Avant de se transformer en une immonde créature, la mutante se présente d’abord sous la plus séduisante apparence. Une jeune femme aux mensurations idéales obnubilée par une projet précis, multiplier les copulations pour se reproduire et coloniser notre planète. Nul doute que la plastique de rêve de Natasha Henstridge n’ait contribué à lancer la saga sur les rails du succès. Tenues moulantes, décolletés pigeonnant, la belle ne demande jamais son reste quand il s’agit de s’effeuiller. Rien n’est plus efficace que de chauffer le Mâle avant de le trucider. Le bras de la créature faisant office de pic à glace. Habile inversion des sexes de l’adage de Wes Craven : « Pour sortir vivant d’un Slasher mieux vaut ne pas coucher« .  N’oublions pas que Basic instinct a ouvert la voie trois ans auparavant.
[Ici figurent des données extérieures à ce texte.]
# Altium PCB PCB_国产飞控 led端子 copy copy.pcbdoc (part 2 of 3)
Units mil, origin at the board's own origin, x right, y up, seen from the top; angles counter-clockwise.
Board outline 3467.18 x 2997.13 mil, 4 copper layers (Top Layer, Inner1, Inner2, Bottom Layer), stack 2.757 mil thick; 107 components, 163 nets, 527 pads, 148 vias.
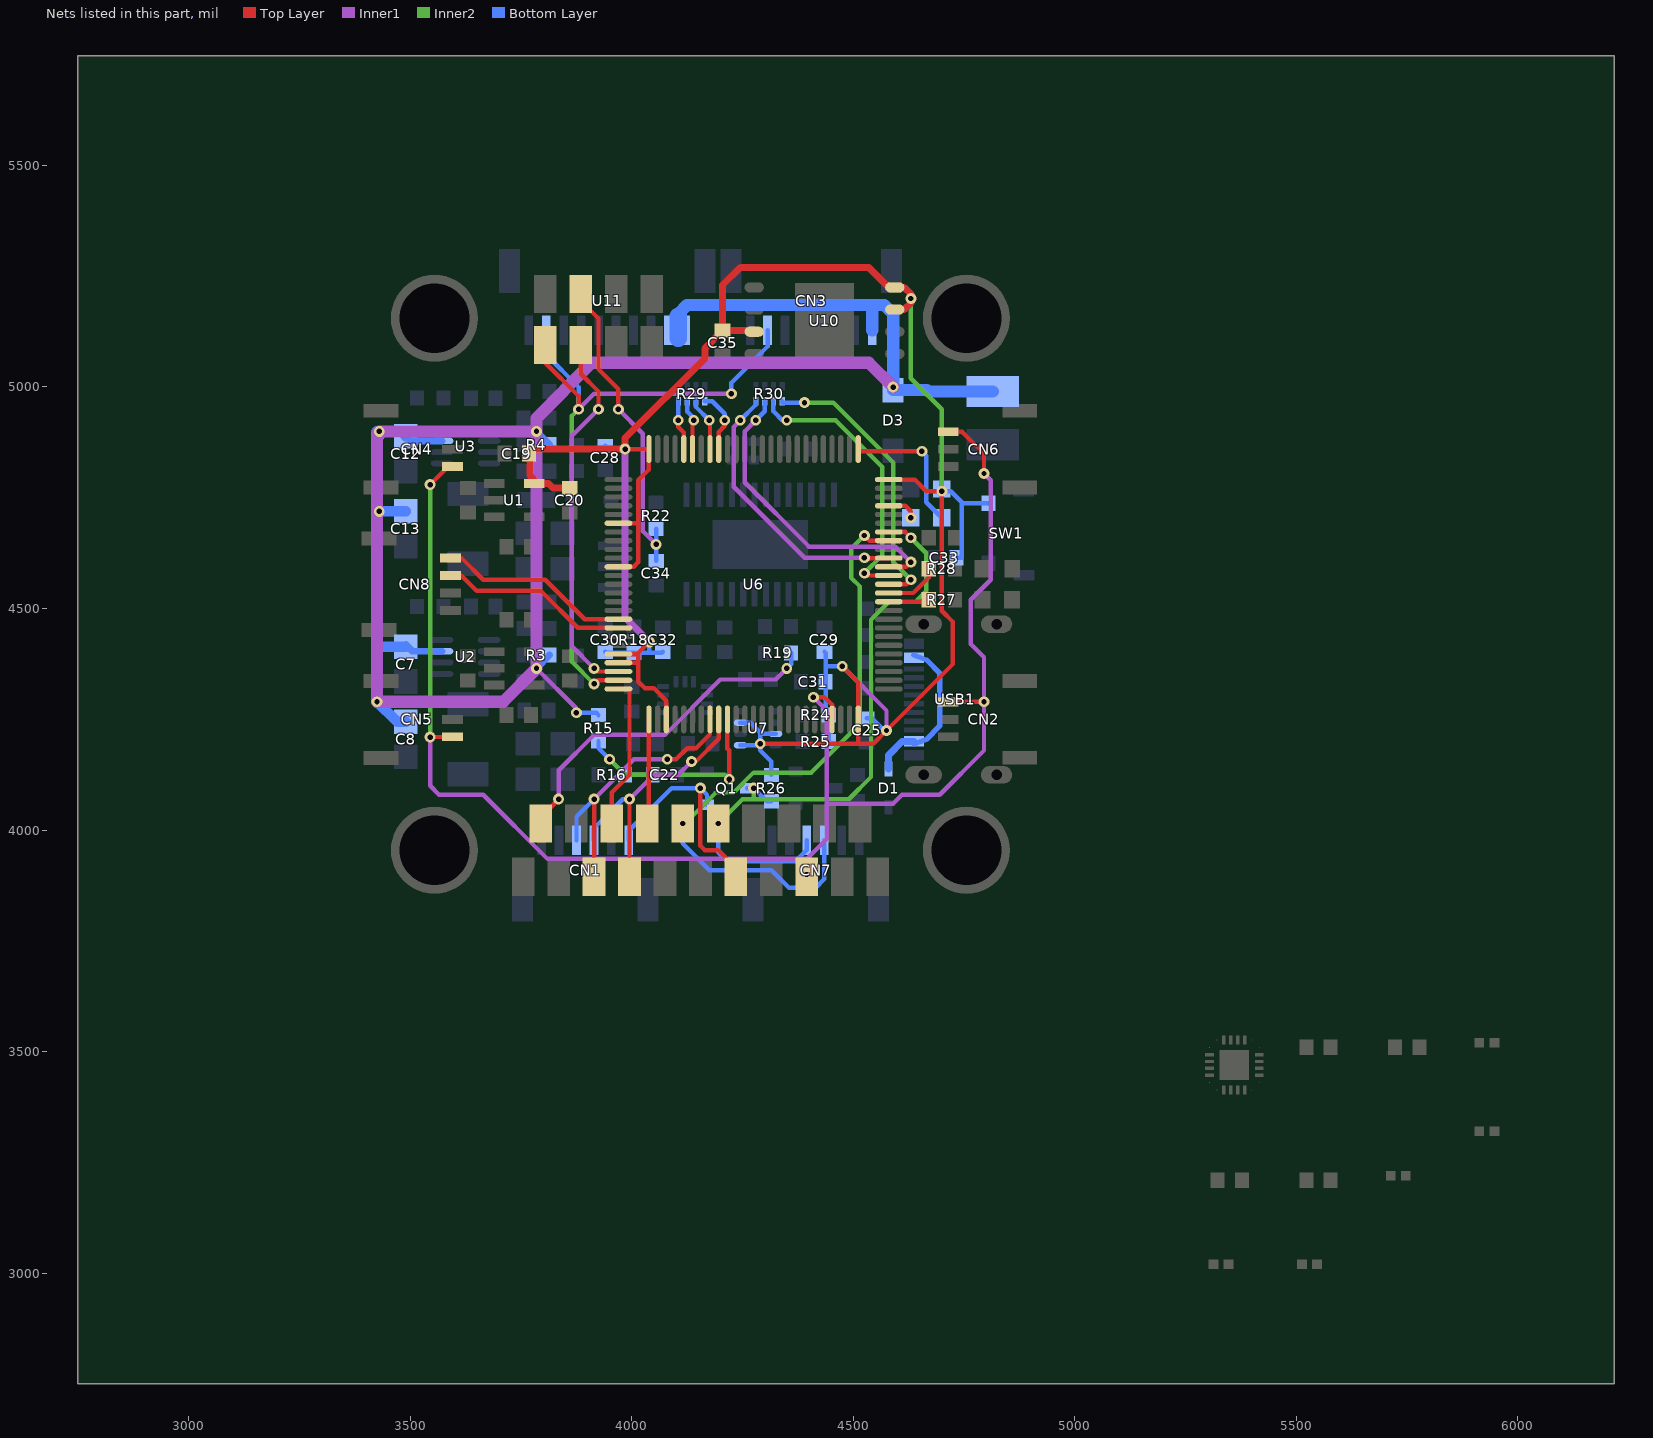
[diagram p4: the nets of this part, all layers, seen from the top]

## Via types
v1: diameter 24.41, hole 12.2, Top Layer to Bottom Layer, 148 vias

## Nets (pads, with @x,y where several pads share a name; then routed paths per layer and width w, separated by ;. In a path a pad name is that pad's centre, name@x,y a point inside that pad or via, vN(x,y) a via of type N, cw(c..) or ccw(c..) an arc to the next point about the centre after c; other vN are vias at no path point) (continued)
LED: CN2.3 CN4.3 CN5.3 CN6.3 pad.5@4395,3894.63 U6.47 | length 3563.7
  Top Layer w10: v1(3545,4209.63) CN5.3@3595.7,4210.23 ; v1(3545,4779.63) 3585.6,4820.23 CN4.3@3595.7,4820.23 ; pad.5@4395,3894.63 v1(4395,3899.63) ; v1(4410,4299.63) 4435,4299.63 4452.2,4282.43 U6.47@4452.17,4249.52 ; CN2.3@4714.29,4289 v1(4795,4289.63) ; CN6.3@4714.29,4899 4745.6,4899.03 4795,4849.63 v1(4795,4804.63)
  Inner1 w10: v1(3545,4209.63) 3545,4099.63 3565,4079.63 3665,4079.63 3810,3934.63 4395,3934.63 ; v1(4410,4299.63) 4440,4269.63 4440,3979.63 4395,3934.63 ; 4440,4059.63 4590,4059.63 4610,4079.63 4695,4079.63 4795,4179.63 v1(4795,4289.63) 4795,4389.63 4765,4419.63 4765,4519.63 4810,4564.63 4810,4789.63 v1(4795,4804.63) ; 4395,3934.63 v1(4395,3899.63) 4395,3934.63
  Inner2 w10: v1(3545,4209.63) v1(3545,4779.63)
LED1: R27.2 U6.61 | length 92
  Top Layer w10: U6.61@4580.1,4515.23 4665.9,4515.23 R27.2@4670.34,4519.63
LED2: R28.2 U6.62 | length 124.4
  Top Layer w10: U6.62@4580.11,4534.94 4635.3,4534.93 4670.3,4569.93 R28.2@4670.34,4589.63
MOTOR1: R29.4 U6.92 | length 142.7
  Top Layer w10: U6.92@4196.26,4859.74 4196.3,4898.33 4210,4912.13 v1(4210,4924.63)
  Bottom Layer w10: R29.4@4164.53,4967.8 4181.8,4967.83 4210,4939.63 v1(4210,4924.63)
MOTOR2: R29.3 U6.93 | length 122.2
  Top Layer w10: v1(4175,4924.63) 4176.6,4924.63 U6.93@4176.57,4859.74
  Bottom Layer w10: R29.3@4144.84,4967.8 4144.8,4954.83 v1(4175,4924.63)
MOTOR3: R29.2 U6.95 | length 117
  Top Layer w10: U6.95@4137.2,4859.74 4137.2,4924.63 v1(4140,4924.63)
  Bottom Layer w10: R29.2@4125.16,4967.8 4125.2,4944.43 4140,4929.63 v1(4140,4924.63)
MOTOR4: R29.1 U6.96 | length 113.5
  Top Layer w10: v1(4105,4924.63) 4105,4909.63 4117.5,4897.13 U6.96@4117.52,4859.74
  Bottom Layer w10: v1(4105,4924.63) 4105,4967.33 R29.1@4105.47,4967.8
OSD_IN_CAM: C34.2 pad.5@3885,5209.63 R22.2 | length 708.1
  Top Layer w10: pad.5@3885,5209.63 3885,5194.63 3925,5154.63 3925,5039.63 3970,4994.63 v1(3970,4949.63)
  Inner1 w10: v1(3970,4949.63) 4025,4894.63 4025,4674.63 v1(4055,4644.63)
  Bottom Layer w10: C34.2@4055,4607.19 v1(4055,4644.63) R22.2@4055,4679.93
OSD_OUT_VTX: pad.5@3795,4014.63 R19.2 | length 785.9
  Top Layer w10: pad.5@3795,4014.63 3795,4029.63 v1(3835,4069.63)
  Inner1 w10: v1(3835,4069.63) 3835,4134.63 3915,4214.63 4075,4214.63 4200,4339.63 4325,4339.63 v1(4350,4364.63)
  Bottom Layer w10: v1(4350,4364.63) 4359.7,4374.33 R19.2@4359.66,4399.63
Q2_1: 
R1_1: 
R1_2: 
R3_1: 
R7_1: 
R7_2: 
R8_1: 
R11_2: 
R12_2: 
R13_2: 
R27_1: 
R28_1: 
R29_5: 
R29_6: 
R29_7: 
R29_8: 
R30_5: 
R30_6: 
R30_7: 
R30_8: 
S$147824: 
S$244950: 
S$244954: 
S$288220: 
S$288224: 
S$288228: 
S$288280: 
S$288284: 
S$288288: 
S$288292: 
SBUS: CN1.1 pad.5@4235,3894.63 Q1.1 | length 517.4
  Top Layer w10: v1(4155,4094.63) 4155,3964.63 4165,3954.63 4195,3954.63 4235,3914.63 pad.5@4235,3894.63
  Bottom Layer w10: CN1.1@3993.4,3976.53 3993.4,3998.03 4090,4094.63 v1(4155,4094.63) 4169.8,4079.83 Q1.1@4169.8,4057.23
SERVO1: R30.4 U6.63 | length 645.2
  Top Layer w10: U6.63@4580.11,4554.63 4620,4554.63 v1(4630,4564.63)
  Inner2 w10: v1(4390,4964.63) 4455,4964.63 4590,4829.63 4590,4604.63 v1(4630,4564.63)
  Bottom Layer w10: R30.4@4339.53,4967.8 4339.5,4964.63 v1(4390,4964.63)
SERVO2: R30.3 U6.64 | length 633.9
  Top Layer w10: v1(4525,4579.63) 4530.3,4574.33 U6.64@4580.11,4574.31
  Inner2 w10: v1(4350,4924.63) 4460,4924.63 4565,4819.63 4565,4619.63 v1(4525,4579.63)
  Bottom Layer w10: R30.3@4319.84,4967.8 4319.8,4944.83 4340,4924.63 v1(4350,4924.63)
SERVO3: R30.2 U6.65 | length 705.8
  Top Layer w10: U6.65@4580.11,4594 4619.4,4594.03 v1(4630,4604.63)
  Inner1 w10: v1(4280,4924.63) 4255,4899.63 4255,4784.63 4400,4639.63 4595,4639.63 v1(4630,4604.63)
  Bottom Layer w10: v1(4280,4924.63) 4300.2,4944.83 R30.2@4300.16,4967.8
SERVO4: R30.1 U6.66 | length 630.9
  Top Layer w10: v1(4525,4614.63) 4525.9,4613.73 U6.66@4580.11,4613.69
  Inner1 w10: v1(4245,4924.63) 4230,4909.63 4230,4774.63 4390,4614.63 v1(4525,4614.63)
  Bottom Layer w10: v1(4245,4924.63) 4280.5,4960.13 R30.1@4280.47,4967.8
SWDCLK: pad.5@4700,4704.63 U6.76 | length 317.5
  Top Layer w10: U6.76@4511.22,4859.74 4511.2,4854.63 v1(4655,4854.63)
  Bottom Layer w10: v1(4655,4854.63) 4665,4844.63 4665,4739.63 pad.5@4700,4704.63
SWDIO: pad.5@4630,4704.63 U6.72 | length 70
  Top Layer w10: U6.72@4580.11,4731.8 4617.8,4731.83 4630,4719.63 v1(4630,4704.63)
U3_1: 
U3_2: 
U3_3: 
U3_4: 
U3_6: 
U3_8: 
U6_14: 
U6_37: 
U9_5: 
U9_6: 
U9_19: 
U9_22: 
UART1_RX: CN7.4 pad.5@4195,4014.63 Q1.3 R26.1 U6.69 | length 1483
  Top Layer w10: U6.69@4580.11,4672.74 4616.9,4672.73 v1(4630,4659.63)
  Inner2 w10: v1(4195,4014.63) 4250,4069.63 4490,4069.63 4540,4119.63 4540,4474.63 4580,4514.63 4640,4514.63 4665,4539.63 4665,4624.63 v1(4630,4659.63) ; 4275,4069.63 v1(4275,4094.63)
  Bottom Layer w10: v1(4195,4014.63) 4195,3949.63 4215,3929.63 4370,3929.63 4395.3,3954.93 CN7.4@4395.3,3976.53 ; Q1.3@4260.2,4094.63 v1(4275,4094.63) 4304.7,4064.93 R26.1@4315,4064.93
UART1_TX: CN7.3 pad.5@4115,4014.63 U6.68 | length 1500.3
  Top Layer w10: v1(4525,4664.63) 4536.6,4653.03 U6.68@4580.1,4653.03
  Inner2 w10: v1(4115,4014.63) 4120,4014.63 4190,4084.63 4230,4084.63 4275,4129.63 4405,4129.63 4515,4239.63 4515,4549.63 4495,4569.63 4495,4634.63 v1(4525,4664.63)
  Bottom Layer w10: v1(4115,4014.63) 4115,3969.63 4175,3909.63 4315,3909.63 4355,3869.63 4415,3869.63 4434.7,3889.33 CN7.3@4434.7,3976.53
UART2_RX: pad.5@4035,4014.63 U6.26 | length 238.7
  Top Layer w10: pad.5@4035,4014.63 4038.8,4014.63 U6.26@4038.78,4249.52
UART2_TX: pad.5@3955,4014.63 U6.25 | length 345.5
  Top Layer w10: pad.5@3955,4014.63 3955,4084.63 3995,4124.63 3995,4318.43 U6.25@3969.89,4318.41
UART3_RX: CN1.3 pad.5@3995,3894.63 U6.34 | length 611.5
  Top Layer w10: pad.5@3995,3894.63 3995,3954.63 v1(3995,4069.63) ; v1(4135,4154.63) 4145,4154.63 4196.3,4205.93 U6.34@4196.26,4249.52
  Inner1 w10: v1(3995,4069.63) 4050,4124.63 4105,4124.63 v1(4135,4154.63)
  Bottom Layer w10: CN1.3@3914.7,3976.53 3914.7,4004.33 3980,4069.63 v1(3995,4069.63)
UART3_TX: CN1.4 pad.5@3915,3894.63 U6.33 | length 640.2
  Top Layer w10: pad.5@3915,3894.63 3915,3959.63 v1(3915,4069.63) ; v1(4080,4159.63) 4100,4159.63 4125,4184.63 4145,4184.63 4176.6,4216.23 U6.33@4176.57,4249.52
  Inner1 w10: v1(3915,4069.63) 4005,4159.63 v1(4080,4159.63)
  Bottom Layer w10: CN1.4@3875.3,3976.53 3875.3,4029.93 v1(3915,4069.63)
UART4_RX: CN3.2 pad.5@3805,5094.63 U6.24 U11.2 | length 1626.1
  Top Layer w10: pad.5@3805,5094.63 3805,5054.63 3880,4979.63 v1(3880,4949.63) ; v1(3915,4329.63) 3923.5,4338.13 U6.24@3969.89,4338.09
  Inner1 w10: v1(3880,4949.63) 3915,4984.63 v1(4225,4984.63)
  Inner2 w10: v1(3880,4949.63) 3865,4934.63 3865,4379.63 v1(3915,4329.63)
  Bottom Layer w10: U11.2@3807.19,5127.7 3807.2,5072.43 3880,4999.63 v1(3880,4949.63) ; v1(4225,4984.63) 4225,5009.63 4306.6,5091.23 CN3.2@4306.59,5127.7
UART4_TX: pad.5@3885,5094.63 U6.23 | length 849.9
  Top Layer w10: pad.5@3885,5094.63 3885,5029.63 3925,4989.63 v1(3925,4949.63) ; v1(3915,4364.63) 3921.9,4357.73 U6.23@3969.9,4357.73
  Inner1 w10: v1(3915,4364.63) 3865,4414.63 3865,4889.63 v1(3925,4949.63)
UART8_RX: CN8.2 U6.18 | length 428.1
  Top Layer w10: CN8.2@3590.71,4574.32 3615.3,4574.33 3650,4539.63 3795,4539.63 3878,4456.63 U6.18@3970,4456.63
UART8_TX: CN8.1 U6.17 | length 436.3
  Top Layer w10: CN8.1@3590.71,4613.69 3615.9,4613.73 3665,4564.63 3805,4564.63 3893.7,4475.93 U6.17@3969.89,4475.89
VBAT: C7.2 C8.2 C12.2 C13.2 CN3.8 D3.1 pad.5@4815,4989.63 R3.2 R4.2 R15.2 U2.7 U3.7 U11.9 U11.10 | length 5190.9
  Inner1 w10: v1(3785,4364.63) 3875,4274.63 v1(3875,4264.63)
  Inner1 w27.56: v1(4590,4999.63) 4535,5054.63 3909,5054.63 3784.8,4929.13 v1(3785,4899.63) ; v1(3785,4899.63) v1(3430,4899.63) 3425,4894.63 v1(3425,4289.63) 3710,4289.63 v1(3785,4364.63) v1(3785,4899.63)
  Bottom Layer w10: v1(3875,4264.63) 3919.7,4264.63 R15.2@3925,4259.3
  Bottom Layer w15.75: C7.2@3490,4419.03 3505.6,4403.43 U2.7@3572,4403.43 ; C12.2@3490,4889 3500.6,4878.43 U3.7@3572,4878.43 ; v1(3785,4364.63) R3.2@3814.66,4394.63 ; v1(3785,4899.63) R4.2@3814.66,4869.63
  Bottom Layer w23.62: v1(3430,4719.03) C13.2@3490,4719 ; v1@3430,4889.03 v1(3430,4899.63) ; 3435,4414.03 C7.2@3490,4414 ; C8.2@3490,4244 3470.6,4244.03 v1(3425,4289.63) 3425,4899.63 3490,4899.63 C12.2@3490,4889
  Bottom Layer w27.56: 4105,5127.73 4105,5164.63 4125,5184.63 4542.8,5184.63 ; CN3.8@4542.81,5127.7 4542.8,5184.63 ; pad.5@4815,4989.63 4670,4989.63 4666.7,4992.93 D3.1@4589.99,4992.94 4590,5164.63 4570,5184.63 4542.8,5184.63
  Bottom Layer w39.37: 4105,5109.32 4105,5159.94
VBAT_ADC: C22.2 R15.1 R16.2 U6.35 | length 594.9
  Top Layer w10: U6.35@4215.94,4249.52 4215.9,4183.73 4220,4179.63 v1(4220,4114.63)
  Inner2 w10: v1(3950,4159.63) 3985,4124.63 4210,4124.63 v1(4220,4114.63)
  Bottom Layer w10: R15.1@3925,4199.93 3925,4184.33 R16.2@3984.66,4124.63 C22.2@4047.45,4124.63 ; v1(3950,4159.63) 3950,4159.33 v1@3954.7,4154.63
VBUS: D1.1 USB1.A4 USB1.A9 USB1.B4 USB1.B9 | length 366
  Bottom Layer w11.81: USB1.A9@4636.59,4194.24 4665,4204.63 4695,4234.63 4695,4354.63 4666.4,4383.23 USB1.A4@4636.59,4395.02
  Bottom Layer w15.75: D1.1@4580,4137.84 4580,4169.63 4610,4199.63 USB1.A9@4636.6,4199.63
VDD: C19.2 C20.2 C25.2 C28.2 C29.2 C30.2 C31.2 C32.2 C33.2 C35.1 pad.5@4700,4769.63 R18.2 R24.2 R25.2 R26.2 SW1.2 U1.5 U6.6 U6.11 U6.21 U6.22 U6.28 U6.50 U6.75 U6.100 U7.2 U7.6 U7.8 U10.3 U10.7 U10.8 | length 5516.6
  Top Layer w10: U6.22@3969.9,4377.43 4015,4377.43 ; U6.21@3969.9,4397.13 4012.5,4397.13 v1(4040,4424.63) ; U6.11@3969.89,4594 4004.4,4594.03 4015,4604.63 4015,4692.43 4015,4789.63 4038.8,4813.43 U6.100@4038.78,4859.74 3985.1,4859.73 v1(3985,4859.63) ; 4015,4399.63 4015,4377.43 ; U6.28@4078.1,4249.53 4078.1,4291.53 4050,4319.63 4030,4319.63 4015,4334.63 4015,4377.43 ; v1(4290,4194.63) 4545,4194.63 v1(4575,4224.63) 4725,4374.63 4725,4469.63 4700,4494.63 v1(4700,4764.63) 4665,4764.63 4638.8,4790.83 U6.75@4580.11,4790.85 ; v1(4475,4369.63) 4511.2,4333.43 U6.50@4511.22,4249.52 4511.2,4199.63
  Top Layer w10.08: U6.6@3969.89,4692.43 4015,4692.43
  Top Layer w15.75: C19.2@3767.86,4849.63 3767.9,4859.63 v1(3985,4859.63) 3985,4884.63 4165,5064.63 4165,5087.23 C35.1@4205,5127.19 ; C19.2@3770,4849.63 3770,4799.63 3787.6,4782.03 3796.2,4782.03 3812.6,4782.03 3822.4,4772.23 C20.2@3850,4772.23 ; U10.3@4276.23,5124.63 4273.6,5127.23 C35.1@4205,5127.19 ; U10.7@4593.77,5174.63 4615,5174.63 4630,5189.63 v1(4630,5199.63) 4630,5209.63 4615,5224.63 U10.8@4593.77,5224.63 4580,5224.63 4535,5269.63 4245,5269.63 4205,5229.63 C35.1@4205,5127.19
  Inner1 w10: v1(4475,4369.63) 4575,4269.63 v1(4575,4224.63)
  Inner1 w15.75: v1(3985,4859.63) 3985,4479.63 v1(4040,4424.63)
  Inner2 w10: v1(4630,5199.63) 4630,5019.63 4700,4949.63 v1(4700,4764.63)
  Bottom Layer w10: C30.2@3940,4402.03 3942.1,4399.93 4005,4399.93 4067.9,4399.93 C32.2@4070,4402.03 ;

N’y voyons cependant pas là une quelconque condamnation des relations sexuelles prétendument coupables. Car la censure n’est pas au programme de la franchise, à contrario dans chacun des épisodes, les femmes aussi bien que les hommes  sont pleinement encouragés à assumer leur libido, et cela sans aucune retenue. Comme dans le deuxième opus où les trois martionautes ne pensent qu’à rattraper le temps perdu dès leur retour sur terre.  Après deux premiers épisodes particulièrement dénudés, Natasha Henstridge cède sa place  à une Sunny Mabrey toujours aussi plantureuse, mais beaucoup moins exhibitionniste – visant ainsi un public plus jeune. Puis c’est autour d’Helena Mattsson de prendre le relais dans le dernier volet. La blonde devra alors se mesurer à son alter-ego latino, incarné par Marlene Favela, top-modèle et actrice mexicaine de télénovelas. Énième fantasme porno-chic d’une saga de chair et de sang. Comme pour l’ensemble de la franchise ce baroud d’honneur ne cherche pas à faire dans  la dentelle. Rien que pour cette  raison  ces quatre séries B décomplexées ne manqueront jamais d’aficionados.